Dentro de los perfiles profesionales especializados que se pueden encontrar en el sector cultural, y más concretamente, en el ámbito de las artes visuales, una de las ocupaciones más recientes es la del comisario. Si la década de los 80 fue el auge del rol del artista, con su carácter innovador y la puesta en valor de su figura como articulador esencial de las propuestas creativas, el final de siglo trasladó el interés hacia los propios centros expositivos y su labor como custodios de la producción actual y como espacios para dar cabida a todas las propuestas. El cambio de milenio introdujo con fuerza en este panorama el rol del comisario. Quizás unido a una crisis de identidad social, quizás a la complejidad que está adquiriendo actualmente los proyectos contemporáneos, la necesidad de construir, articular y ahondar en los discursos artísticos se hizo evidente.

Aunque las funciones encomendadas a esta profesión no son nuevas en su totalidad, pues antes habían sido asumidas por conservadores, críticos o expertos según las temáticas, el rol ha adquirido solidez porque aúna todas estas finalidades al tiempo que permite la especialización de otros profesionales en sus respectivos ámbitos de competencia. Ahora bien, como algunos comisarios mismos señalan, no debe olvidarse el espíritu genuino de esta figura, que ha nacido para facilitar el entendimiento del discurso, crear narrativas dentro de un contexto en ocasiones caótico y disperso, mediar entre las obras y el espectador y crear puentes entre el arte contemporáneo y la sociedad.

El arte de nuestros días plantea multitud de incógnitas para el visitante que debe enfrentarse a propuestas muchas veces alejadas de los cánones estéticos pautados, lo que da paso a la incertidumbre y el desconcierto; pero, a su vez, estas obras emplean un lenguaje más cercano, unos materiales y hasta composiciones desprendidas de la sofisticación y el alarde técnico de antaño, algo que, lejos de favorecer la proximidad con el mensaje, genera cierto distanciamiento. Lo que acabamos de describir es parte de la esencia misma del arte actual. El cuestionamiento de las pautas formalistas y el recurso a elementos tangibles más utilitarios que embellecedores son los nuevos criterios de la creación, donde, por encima de todo prima el mensaje que se quiere transmitir.

Asimismo, otra característica intrínseca de la obra de nuestro tiempo es la preocupación de los artistas por temáticas más inmediatas, por cuestiones de carácter social, político y económico que buscar crear un revulsivo narrativo y conceptual, dejando atrás la prioridad estética o, mejor dicho, haciendo del discurso su propia estética. En este contexto, por extraño que pueda parecer, la creación contemporánea se encuentra con una barrera lingüística dificultando el entendimiento del espectador. Y a esta circunstancia se suma la abundante producción actual, abarcando un amplio abanico de temáticas que no son sino trasunto de nuestra sociedad diversa y globalizada.

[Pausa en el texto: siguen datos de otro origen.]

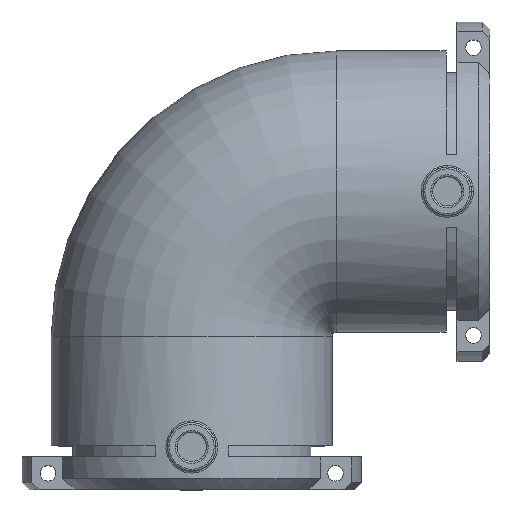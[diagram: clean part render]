
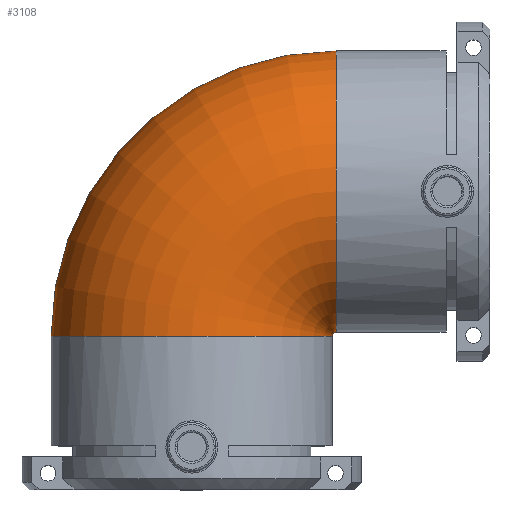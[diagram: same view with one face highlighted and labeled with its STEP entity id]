
A CAD part, top view. The second image highlights one B-rep face of the part: STEP entity #3108.
In plain terms, the highlighted toroidal (fillet/blend) face has major radius 39.6 mm and minor radius 38.5 mm.
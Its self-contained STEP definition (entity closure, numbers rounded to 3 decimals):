
#1741 = EDGE_LOOP ( 'NONE', ( #5953, #5954, #6590, #6591 ) ) ;
#3108 = ADVANCED_FACE ( 'NONE', ( #5277 ), #7773, .T. ) ;
#3122 = EDGE_CURVE ( 'NONE', #4057, #4055, #7787, .T. ) ;
#3124 = EDGE_CURVE ( 'NONE', #4057, #4059, #7789, .T. ) ;
#3127 = EDGE_CURVE ( 'NONE', #4059, #4060, #7786, .T. ) ;
#3131 = EDGE_CURVE ( 'NONE', #4055, #4060, #7793, .T. ) ;
#4055 = VERTEX_POINT ( 'NONE', #8705 ) ;
#4057 = VERTEX_POINT ( 'NONE', #8708 ) ;
#4059 = VERTEX_POINT ( 'NONE', #8698 ) ;
#4060 = VERTEX_POINT ( 'NONE', #8710 ) ;
#5274 = DIRECTION ( 'NONE',  ( 0., 0., 1. ) ) ;
#5277 = FACE_OUTER_BOUND ( 'NONE', #1741, .T. ) ;
#5278 = CARTESIAN_POINT ( 'NONE',  ( -0.014, -23.566, -33.048 ) ) ;
#5280 = DIRECTION ( 'NONE',  ( 1., 0., 0. ) ) ;
#5339 = CARTESIAN_POINT ( 'NONE',  ( -0.014, -23.566, -33.048 ) ) ;
#5340 = DIRECTION ( 'NONE',  ( 0., 0., 1. ) ) ;
#5341 = DIRECTION ( 'NONE',  ( 1., 0., 0. ) ) ;
#5345 = CARTESIAN_POINT ( 'NONE',  ( -0.014, 16.034, -33.048 ) ) ;
#5346 = DIRECTION ( 'NONE',  ( 1., 0., 0. ) ) ;
#5347 = DIRECTION ( 'NONE',  ( 0., 0., -1. ) ) ;
#5356 = CARTESIAN_POINT ( 'NONE',  ( -0.014, -23.566, -33.048 ) ) ;
#5357 = DIRECTION ( 'NONE',  ( 0., 0., 1. ) ) ;
#5358 = DIRECTION ( 'NONE',  ( 1., 0., 0. ) ) ;
#5371 = CARTESIAN_POINT ( 'NONE',  ( -39.614, -23.566, -33.048 ) ) ;
#5372 = DIRECTION ( 'NONE',  ( 0., 1., 0. ) ) ;
#5373 = DIRECTION ( 'NONE',  ( 0., 0., -1. ) ) ;
#5953 = ORIENTED_EDGE ( 'NONE', *, *, #3124, .F. ) ;
#5954 = ORIENTED_EDGE ( 'NONE', *, *, #3122, .T. ) ;
#6590 = ORIENTED_EDGE ( 'NONE', *, *, #3131, .T. ) ;
#6591 = ORIENTED_EDGE ( 'NONE', *, *, #3127, .F. ) ;
#7773 = TOROIDAL_SURFACE ( 'NONE', #7774, 39.6, 38.5 ) ;
#7774 = AXIS2_PLACEMENT_3D ( 'NONE', #5278, #5274, #5280 ) ;
#7786 = CIRCLE ( 'NONE', #7791, 1.1 ) ;
#7787 = CIRCLE ( 'NONE', #7788, 78.1 ) ;
#7788 = AXIS2_PLACEMENT_3D ( 'NONE', #5339, #5340, #5341 ) ;
#7789 = CIRCLE ( 'NONE', #7790, 38.5 ) ;
#7790 = AXIS2_PLACEMENT_3D ( 'NONE', #5345, #5346, #5347 ) ;
#7791 = AXIS2_PLACEMENT_3D ( 'NONE', #5356, #5357, #5358 ) ;
#7793 = CIRCLE ( 'NONE', #7795, 38.5 ) ;
#7795 = AXIS2_PLACEMENT_3D ( 'NONE', #5371, #5372, #5373 ) ;
#8698 = CARTESIAN_POINT ( 'NONE',  ( -0.014, -22.466, -33.048 ) ) ;
#8705 = CARTESIAN_POINT ( 'NONE',  ( -78.114, -23.566, -33.048 ) ) ;
#8708 = CARTESIAN_POINT ( 'NONE',  ( -0.014, 54.534, -33.048 ) ) ;
#8710 = CARTESIAN_POINT ( 'NONE',  ( -1.114, -23.566, -33.048 ) ) ;

El comisario contribuye a facilitar esa comprensión articulando un discurso coherente que permita la agrupación de ideas conexas para cohesionar el mensaje. Esto exige tener un profundo conocimiento del estado actual del arte, de las líneas de trabajo de los creadores, de las propuestas estéticas más recientes y de las demandas reales de la sociedad para tender un puente al diálogo y permitir el acercamiento al arte. Si el arte se ocupa de los mismos asuntos que nos preocupan a todos, ¿cómo no vamos a compartir sus postulados? La mediación cultural requiere del trabajo de los comisarios para abrir una pequeña ventana a la reflexión y para posibilitar un espacio de intercambio y de generación de ideas. Compartimos el pensamiento que José Guirao expresó en una entrevista reciente: “El comisario es alguien que desvela algo nuevo y sería un error que los comisarios se conviertan en gestores”.

Entendido así el papel del comisario, muchas instituciones se han subido al carro de crear convocatorias específicas para que los nuevos profesionales puedan dar salida a sus propuestas. Recordemos a modo de ejemplo la convocatoria “Inéditos” de La Casa Encendida, “Se busca comisario”, de la Comunidad de Madrid, o la convocatoria de Comisariado de La Caixa.